§ **TASK INSTRUCTIONS**: The word "origin" marks the lines you need; copy each of them from the data.

GIVEN INFORMATION: Begin

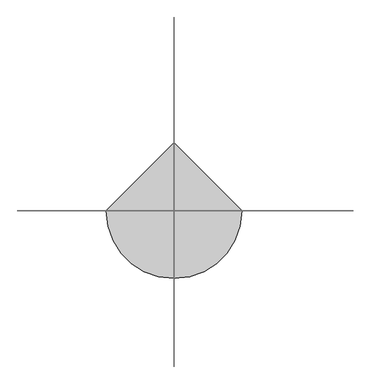
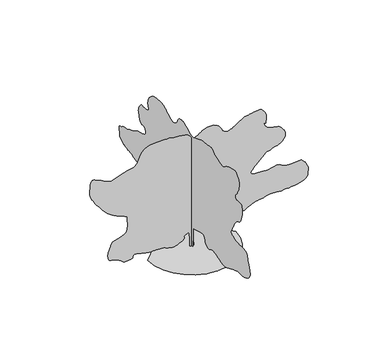
"""IFC4 building model written with IfcOpenShell, lengths in millimetres: geographic element geometry, RPC 木 - 落葉樹 : ヤマボウシ - 3.0 メートル."""

from ifc_helpers import new_model, si_unit, origin, place, context, project, spatial, triangles, source, transform, mapped, element, save


def geographic_element_e0625334(model_context):
    return source(origin(), model_context, "Body", "Tessellation", [
        triangles([(0.0321152, 48.5607305, 0.0034119), (0.0321152, -50.059231, 0.0034119), (0.0321152, -56.2224767, 326.6823853), (0.0321152, -56.2224767, 468.4473149), (0.0321152, -179.4974194, 505.4297959), (0.0321152, -382.8998477, 573.2297636), (0.0321152, -481.5198092, 585.5572815), (0.0321152, -493.3798047, 574.9372539), (0.0321152, -505.079781, 563.9947895), (0.0321152, -516.4547771, 552.4022922), (0.0321152, -527.3447737, 539.8422667), (0.0321152, -537.5872808, 525.9872984), (0.0321152, -547.022279, 510.5148053), (0.0321152, -555.4847712, 493.1023144), (0.0321152, -561.4697619, 475.007307), (0.0321152, -564.8647582, 457.7723125), (0.0321152, -567.614772, 441.509824), (0.0321152, -571.6572578, 426.3248134), (0.0321152, -578.9372641, 412.3273393), (0.0321152, -591.3897743, 399.6223372), (0.0321152, -610.9597281, 388.3173586), (0.0321152, -633.9972754, 377.894848), (0.0321152, -655.6322193, 368.3348574), (0.0321152, -675.9747276, 360.4998705), (0.0321152, -695.1297358, 355.2548418), (0.0321152, -713.2071934, 353.4573498), (0.0321152, -730.3171955, 355.9723489), (0.0321152, -746.5597361, 363.6648663), (0.0321152, -762.949724, 373.6898357), (0.0321152, -780.3097109, 382.7473497), (0.0321152, -798.4772066, 390.9973549), (0.0321152, -817.2921919, 398.597327), (0.0321152, -836.5896332, 405.7148432), (0.0321152, -856.2146708, 412.5073428), (0.0321152, -875.999655, 419.137316), (0.0321152, -993.1095852, 400.6448401), (0.0321152, -1024.8096125, 390.0973372), (0.0321152, -1056.5095671, 379.6573494), (0.0321152, -1088.2070509, 369.4323558), (0.0321152, -1119.9070782, 359.5298716), (0.0321152, -1151.6070328, 350.0598464), (0.0321152, -1183.3045166, 341.1298682), (0.0321152, -1215.0045439, 332.8448725), (0.0321152, -1247.7819763, 324.7573574), (0.0321152, -1282.4994793, 317.2098893), (0.0321152, -1318.8344707, 311.4973746), (0.0321152, -1356.4644413, 308.9098872), (0.0321152, -1395.0644108, 310.7423698), (0.0321152, -1434.3118698, 318.2898743), (0.0321152, -1473.8818382, 332.8448725), (0.0321152, -1769.7418316, 456.1198334), (0.0321152, -1791.6092468, 465.9673064), (0.0321152, -1811.1067486, 474.5198004), (0.0321152, -1830.3892925, 481.9973236), (0.0321152, -1851.611689, 488.6098197), (0.0321152, -1876.9318005, 494.5747899), (0.0321152, -1908.5067627, 500.1098082), (0.0321152, -1948.4892059, 505.4297959), (0.0321152, -1993.2716469, 509.077284), (0.0321152, -2037.2967213, 510.4597941), (0.0321152, -2079.8141842, 511.0898066), (0.0321152, -2120.0666691, 512.4747874), (0.0321152, -2157.3016056, 516.1222755), (0.0321152, -2190.7616272, 523.5422805), (0.0321152, -2219.6915474, 536.2472826), (0.0321152, -2247.0266521, 550.8047879), (0.0321152, -2275.3291397, 563.6347824), (0.0321152, -2303.3066471, 576.0347523), (0.0321152, -2329.6691368, 589.2947714), (0.0321152, -2353.1216297, 604.7147604), (0.0321152, -2372.3665306, 623.5822861), (0.0321152, -2386.1140926, 647.1947256), (0.0321152, -2397.2190834, 669.6572353), (0.0321152, -2408.5415028, 686.5147093), (0.0321152, -2418.7840462, 701.2122133), (0.0321152, -2426.65406, 717.2072399), (0.0321152, -2430.8590359, 737.9447096), (0.0321152, -2430.1039948, 766.8771732), (0.0321152, -2423.0965736, 807.4521675), (0.0321152, -2412.5114639, 849.5371714), (0.0321152, -2401.8190933, 882.9996637), (0.0321152, -2390.9114742, 911.2846378), (0.0321152, -2379.6814911, 937.8421011), (0.0321152, -2368.0191216, 966.1271479), (0.0321152, -2355.8165234, 999.5895676), (0.0321152, -2342.9690517, 1041.6745714), (0.0321152, -2331.7716248, 1086.8520464), (0.0321152, -2322.0866055, 1126.8520758), (0.0321152, -2310.1366081, 1161.0320389), (0.0321152, -2292.1490433, 1188.7420481), (0.0321152, -2264.3491413, 1209.3345411), (0.0321152, -2222.9641674, 1222.1644993), (0.0321152, -2164.2192066, 1226.5870491), (0.0321152, -2098.4666794, 1226.6770145), (0.0321152, -2038.2142525, 1227.3044472), (0.0321152, -1982.9192265, 1229.0120464), (0.0321152, -1932.0467503, 1232.3369888), (0.0321152, -1885.0542698, 1237.8170322), (0.0321152, -1841.4043179, 1245.9944401), (0.0321152, -1800.5592819, 1257.4044994), (0.0321152, -1760.9542866, 1269.0494282), (0.0321152, -1722.9643089, 1278.862056), (0.0321152, -1688.9643494, 1288.7794739), (0.0321152, -1661.3267921, 1300.7495281), (0.0321152, -1642.4218414, 1316.7069843), (0.0321152, -1634.6243523, 1338.5944565), (0.0321152, -1640.3019127, 1368.3519424), (0.0321152, -1650.8868771, 1395.324424), (0.0321152, -1657.8043327, 1411.2994663), (0.0321152, -1663.4292801, 1421.8844307), (0.0321152, -1670.131778, 1432.6844982), (0.0321152, -1680.2843559, 1449.3068848), (0.0321152, -1696.261869, 1477.3593876), (0.0321152, -1720.43176, 1522.4468971), (0.0321152, -1744.7792564, 1570.2993542), (0.0321152, -1762.0142509, 1605.6469059), (0.0321152, -1775.5817368, 1632.5843605), (0.0321152, -1788.931794, 1655.2092876), (0.0321152, -1805.5192989, 1677.6167862), (0.0321152, -1828.7892448, 1703.9067513), (0.0321152, -1862.1967987, 1738.1767525), (0.0321152, -1899.9867886, 1769.4617615), (0.0321152, -1934.3291691, 1788.456823), (0.0321152, -1965.5416534, 1801.7368263), (0.0321152, -1993.9516926, 1815.879277), (0.0321152, -2019.8841213, 1837.4618259), (0.0321152, -2043.6591236, 1873.0592171), (0.0321152, -2065.5992088, 1929.2517174), (0.0321152, -2083.3542297, 1999.8741508), (0.0321152, -2094.4241936, 2071.5741348), (0.0321152, -2098.9166519, 2140.1491642), (0.0321152, -2096.9391563, 2201.391647), (0.0321152, -2088.6017292, 2251.0966072), (0.0321152, -2074.0091606, 2285.0590691), (0.0321152, -2053.2716183, 2299.0765274), (0.0321152, -2028.7792179, 2300.9990845), (0.0321152, -2002.9916931, 2301.6291332), (0.0321152, -1976.1267632, 2301.1790154), (0.0321152, -1948.3992405, 2299.8665955), (0.0321152, -1920.0242283, 2297.9090115), (0.0321152, -1891.2193005, 2295.5190411), (0.0321152, -1862.1967987, 2292.9116421), (0.0321152, -1846.526825, 2300.944146), (0.0321152, -1831.9342564, 2309.6241394), (0.0321152, -1819.4992596, 2319.5991119), (0.0321152, -1810.2992397, 2331.5116116), (0.0321152, -1805.4117474, 2346.0140694), (0.0321152, -1805.914333, 2363.7490334), (0.0321152, -1812.8867271, 2385.36908), (0.0321152, -1823.1842091, 2405.136478), (0.0321152, -1833.371814, 2418.9715347), (0.0321152, -1844.1018276, 2430.0064716), (0.0321152, -1856.0143272, 2441.3640633), (0.0321152, -1869.7617439, 2456.1715897), (0.0321152, -1885.9892418, 2477.5540054), (0.0321152, -1905.3416943, 2508.6489098), (0.0321152, -1927.1592579, 2549.7490173), (0.0321152, -1948.5442898, 2597.4240143), (0.0321152, -1966.7992802, 2649.1990517), (0.0321152, -1979.2367477, 2702.5739914), (0.0321152, -1983.1542412, 2755.098983), (0.0321152, -1975.8567215, 2804.2988869), (0.0321152, -1954.6517658, 2847.6488571), (0.0321152, -1927.4992081, 2886.8737885), (0.0321152, -1902.7191799, 2923.7238647), (0.0321152, -1878.1542549, 2955.8489388), (0.0321152, -1851.6491867, 2980.8488663), (0.0321152, -1821.0442234, 2996.3487923), (0.0321152, -1784.1893509, 2999.9988602), (0.0321152, -1738.9217651, 2989.4239243), (0.0321152, -1692.8293751, 2973.9487061), (0.0321152, -1653.2043228, 2962.998793), (0.0321152, -1617.4618824, 2954.3237411), (0.0321152, -1583.0144211, 2945.6486893), (0.0321152, -1547.2718353, 2934.6987762), (0.0321152, -1507.6469284, 2919.2238487), (0.0321152, -1461.554393, 2896.9487549), (0.0321152, -1417.7968895, 2870.823896), (0.0321152, -1383.95942, 2846.4239319), (0.0321152, -1355.6194347, 2825.4737572), (0.0321152, -1328.3594707, 2809.698848), (0.0321152, -1297.7569782, 2800.8238083), (0.0321152, -1259.3920235, 2800.5738235), (0.0321152, -1208.841984, 2810.6737885), (0.0321152, -1151.1220333, 2827.7739075), (0.0321152, -1095.7745396, 2846.3989334), (0.0321152, -1045.1695616, 2864.9989609), (0.0321152, -1001.6820997, 2882.1237877), (0.0321152, -967.6821402, 2896.1988007), (0.0321152, -945.5421398, 2905.7737976), (0.0321152, -937.6370991, 2909.2738747), (0.0321152, -933.2696331, 2914.6738358), (0.0321152, -920.8171228, 2928.2738777), (0.0321152, -901.2471691, 2946.1489494), (0.0321152, -875.532169, 2964.4987015), (0.0321152, -844.642194, 2979.3736656), (0.0321152, -809.5471704, 2986.9237862), (0.0321152, -771.2146992, 2983.2487198), (0.0321152, -721.277195, 2972.4237991), (0.0321152, -656.2422112, 2961.4738861), (0.0321152, -584.4172711, 2951.0739395), (0.0321152, -514.0997972, 2941.8489212), (0.0321152, -453.5948058, 2934.47379), (0.0321152, -411.2023353, 2929.5487999), (0.0321152, -395.2273293, 2927.7739082), (0.0321152, -389.2073479, 2924.6238098), (0.0321152, -372.7298653, 2916.1987427), (0.0321152, -348.1648676, 2903.9989059), (0.0321152, -317.8848845, 2889.5489159), (0.0321152, -284.2623909, 2874.3239731), (0.0321152, -249.6706434, 2859.8489845), (0.0321152, -216.4799186, 2847.6488571), (0.0321152, -182.6961704, 2835.2237434), (0.0321152, -145.4621876, 2820.7737534), (0.0321152, -105.8562113, 2806.7237389), (0.0321152, -64.9562232, 2795.5988365), (0.0321152, -23.8407913, 2789.8738953), (0.0321152, 16.4121432, 2792.023764), (0.0321152, 54.724226, 2804.4988747), (0.0321152, 95.0672077, 2825.5987495), (0.0321152, 140.4776899, 2850.2489891), (0.0321152, 188.4756686, 2875.9988708), (0.0321152, 236.5816531, 2900.3238396), (0.0321152, 282.3148899, 2920.7737541), (0.0321152, 323.1973872, 2934.8487671), (0.0321152, 356.7473742, 2940.0987373), (0.0321152, 387.7448281, 2939.8987495), (0.0321152, 421.3323492, 2938.5238335), (0.0321152, 455.5648164, 2934.7737717), (0.0321152, 488.5048116, 2927.4489281), (0.0321152, 518.2072864, 2915.3987915), (0.0321152, 542.7372934, 2897.3987274), (0.0321152, 560.1497844, 2872.298806), (0.0321152, 571.7222611, 2845.0237267), (0.0321152, 581.032267, 2820.8737473), (0.0321152, 589.584761, 2799.1989075), (0.0321152, 598.8947668, 2779.3739548), (0.0321152, 610.4672436, 2760.6989319), (0.0321152, 625.8122372, 2742.5988739), (0.0321152, 646.4422279, 2724.3738235), (0.0321152, 671.2597538, 2707.0990059), (0.0321152, 697.802247, 2692.6490158), (0.0321152, 725.529697, 2681.5238228), (0.0321152, 753.9047092, 2674.2739746), (0.0321152, 782.3872004, 2671.4488564), (0.0321152, 810.4371597, 2673.5990158), (0.0321152, 837.5196636, 2681.2238411), (0.0321152, 865.1921751, 2693.0489914), (0.0321152, 895.1296646, 2707.1490028), (0.0321152, 926.9546116, 2723.1238998), (0.0321152, 960.2896408, 2740.598996), (0.0321152, 994.7570864, 2759.2240219), (0.0321152, 1029.9771023, 2778.5990021), (0.0321152, 1065.5771095, 2798.3489594), (0.0321152, 1088.2370636, 2814.0738716), (0.0321152, 1112.1370583, 2829.173822), (0.0321152, 1138.5170614, 2842.9738518), (0.0321152, 1168.617041, 2854.848999), (0.0321152, 1203.6770376, 2864.0987251), (0.0321152, 1244.9369465, 2870.1489372), (0.0321152, 1293.6344101, 2872.298806), (0.0321152, 1349.6844772, 2871.0988792), (0.0321152, 1409.9369041, 2867.1988266), (0.0321152, 1471.0519238, 2860.1739647), (0.0321152, 1529.689333, 2849.5987381), (0.0321152, 1582.5044231, 2835.0237556), (0.0321152, 1626.1519043, 2816.0237526), (0.0321152, 1657.2943348, 2792.1737549), (0.0321152, 1679.9917866, 2768.8240173), (0.0321152, 1700.7467697, 2750.1989914), (0.0321152, 1719.8842644, 2734.2738007), (0.0321152, 1737.7292507, 2718.9988609), (0.0321152, 1754.6017673, 2702.3240067), (0.0321152, 1770.8292652, 2682.1990723), (0.0321152, 1786.7342537, 2656.5738922), (0.0321152, 1800.3918503, 2627.8738998), (0.0321152, 1809.9517319, 2599.8238678), (0.0321152, 1815.8442501, 2572.2990944), (0.0321152, 1818.5042622, 2545.2240028), (0.0321152, 1818.361829, 2518.4738914), (0.0321152, 1815.8442501, 2491.9316162), (0.0321152, 1811.3892895, 2465.4966019), (0.0321152, 1804.2368191, 2441.5614349), (0.0321152, 1794.9292477, 2421.93647), (0.0321152, 1785.8343086, 2405.6565044), (0.0321152, 1779.3293278, 2391.7465977), (0.0321152, 1777.7842186, 2379.241547), (0.0321152, 1783.5718014, 2367.1640865), (0.0321152, 1799.0618443, 2354.5490135), (0.0321152, 1819.8892067, 2343.1016018), (0.0321152, 1840.3917343, 2334.6740639), (0.0321152, 1861.0042843, 2328.511504), (0.0321152, 1882.1543015, 2323.8565556), (0.0321152, 1904.2767883, 2319.9565029), (0.0321152, 1927.7991898, 2316.0565956), (0.0321152, 1953.1541828, 2311.404118), (0.0321152, 1979.1941631, 2310.0565258), (0.0321152, 2004.4766315, 2314.2065632), (0.0321152, 2029.006675, 2320.2990692), (0.0321152, 2052.7816772, 2324.7740868), (0.0321152, 2075.7991676, 2324.0715134), (0.0321152, 2098.064233, 2314.6390949), (0.0321152, 2119.5741119, 2292.9116421), (0.0321152, 2140.2241596, 2265.2015602), (0.0321152, 2159.4692059, 2239.5416439), (0.0321152, 2176.6665573, 2214.9591328), (0.0321152, 2191.1691605, 2190.4841732), (0.0321152, 2202.326619, 2165.1441502), (0.0321152, 2209.4966755, 2137.9741516), (0.0321152, 2212.0315498, 2107.9990917), (0.0321152, 2208.9766491, 2074.5041885), (0.0321152, 2200.421648, 2037.7741631), (0.0321152, 2187.286694, 1998.3467731), (0.0321152, 2170.4840858, 1956.7642822), (0.0321152, 2150.9316456, 1913.5643028), (0.0321152, 2129.5490845, 1869.2867729), (0.0321152, 2107.2466667, 1824.469305), (0.0321152, 2067.8742153, 1829.4092651), (0.0321152, 2030.0117008, 1832.3042919), (0.0321152, 1995.1692055, 1831.0992783), (0.0321152, 1964.8517246, 1823.7492908), (0.0321152, 1940.5742821, 1808.2067802), (0.0321152, 1923.8441986, 1782.4192554), (0.0321152, 1916.1717018, 1744.3393124), (0.0321152, 1917.9141827, 1705.0943241), (0.0321152, 1927.8516575, 1675.6593475), (0.0321152, 1945.1216789, 1653.7718754), (0.0321152, 1968.8591835, 1637.1667843), (0.0321152, 1998.2041946, 1623.5818577), (0.0321152, 2032.2941196, 1610.7493561), (0.0321152, 2070.2641857, 1596.4093884), (0.0321152, 2106.9241573, 1584.1719086), (0.0321152, 2139.3791531, 1577.001852), (0.0321152, 2170.2141895, 1571.6668579), (0.0321152, 2202.0215504, 1564.9268623), (0.0321152, 2237.3865429, 1553.5518299), (0.0321152, 2278.8966545, 1534.306929), (0.0321152, 2329.1415527, 1503.9544212), (0.0321152, 2383.0889866, 1471.1769161), (0.0321152, 2433.9089951, 1445.5168545), (0.0321152, 2481.4915558, 1425.0294422), (0.0321152, 2525.7240303, 1407.7794777), (0.0321152, 2566.5238655, 1391.8218761), (0.0321152, 2603.7489189, 1375.2169304), (0.0321152, 2637.3239044, 1356.0244972), (0.0321152, 2670.0739403, 1339.9419033), (0.0321152, 2704.5488708, 1331.5145107), (0.0321152, 2740.1990204, 1327.0745201), (0.0321152, 2776.4988396, 1322.9595097), (0.0321152, 2812.8989433, 1315.5019707), (0.0321152, 2848.8737823, 1301.0370106), (0.0321152, 2883.8739716, 1275.8969753), (0.0321152, 2917.2239708, 1253.1644966), (0.0321152, 2947.6738564, 1243.4770065), (0.0321152, 2973.7987152, 1239.5070454), (0.0321152, 2994.223922, 1233.9169796), (0.0321152, 3007.5236916, 1219.3794949), (0.0321152, 3012.2986908, 1188.5620445), (0.0321152, 3007.1487144, 1134.1295385), (0.0321152, 3000.7738129, 1075.6195925), (0.0321152, 2999.8988663, 1034.3596109), (0.0321152, 3000.198848, 1005.7171005), (0.0321152, 2997.3737297, 985.049612), (0.0321152, 2987.123774, 967.7271229), (0.0321152, 2965.0989555, 949.1096546), (0.0321152, 2927.023954, 924.5646412), (0.0321152, 2887.2487656, 900.7171143), (0.0321152, 2859.3237259, 885.497113), (0.0321152, 2837.74888, 876.2071278), (0.0321152, 2817.0489807, 870.1496487), (0.0321152, 2791.6987839, 864.6321802), (0.0321152, 2756.2489128, 856.9596834), (0.0321152, 2705.1238358, 844.4346485), (0.0321152, 2648.9490669, 832.3046476), (0.0321152, 2600.4988266, 825.8897049), (0.0321152, 2557.7991074, 822.6021875), (0.0321152, 2518.7488747, 819.8521374), (0.0321152, 2481.3116249, 815.0546831), (0.0321152, 2443.4491104, 805.6196486), (0.0321152, 2403.1065147, 788.9621624), (0.0321152, 2353.7965885, 769.6621777), (0.0321152, 2293.9216095, 753.8122004), (0.0321152, 2228.7616333, 741.0897211), (0.0321152, 2163.6016571, 731.1696871), (0.0321152, 2103.7266781, 723.7297342), (0.0321152, 2054.4166065, 718.4472078), (0.0321152, 2020.9567303, 714.9972004), (0.0321152, 1997.8292175, 712.9122259), (0.0321152, 1975.5641521, 711.1496881), (0.0321152, 1953.5141899, 708.5272465), (0.0321152, 1931.0341667, 703.8547119), (0.0321152, 1907.4742676, 695.9472004), (0.0321152, 1882.1917992, 683.6197552), (0.0321152, 1854.5343304, 665.6872015), (0.0321152, 1828.8017441, 646.4947683), (0.0321152, 1807.9217686, 629.8897499), (0.0321152, 1789.194278, 613.932221), (0.0321152, 1769.9317909, 596.6822565), (0.0321152, 1747.4318562, 576.1947716), (0.0321152, 1719.0043762, 550.5347826), (0.0321152, 1681.9493706, 517.7572775), (0.0321152, 1650.1068375, 485.9673211), (0.0321152, 1634.0068027, 462.6973025), (0.0321152, 1625.991885, 445.139835), (0.0321152, 1618.4068829, 430.494835), (0.0321152, 1603.6018272, 415.9573503), (0.0321152, 1573.9143951, 398.7223557), (0.0321152, 1521.691856, 375.9923478), (0.0321152, 1461.9594555, 353.7623457), (0.0321152, 1412.9019848, 338.5423808), (0.0321152, 1371.6069763, 328.2798532), (0.0321152, 1335.1644333, 320.9298657), (0.0321152, 1300.6620335, 314.4448691), (0.0321152, 1265.1894894, 306.7698652), (0.0321152, 1225.8344788, 295.8623733), (0.0321152, 1191.2045431, 285.4223855), (0.0321152, 1167.682069, 279.5098831), (0.0321152, 1149.0120604, 276.6173816), (0.0321152, 1128.939521, 275.2323825), (0.0321152, 1101.212071, 273.8498906), (0.0321152, 1059.5745689, 270.9573891), (0.0321152, 997.7746347, 265.0448866), (0.0321152, 934.502116, 258.197394), (0.0321152, 888.5896568, 253.2924063), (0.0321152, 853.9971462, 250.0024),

GIVEN INFORMATION: End

§ **THE COMPLETED TASK**:
from ifc_helpers import new_model, si_unit, origin, place, context, project, spatial, triangles, source, transform, mapped, element, save
    return source(origin(), model_context, "Body", "Tessellation", [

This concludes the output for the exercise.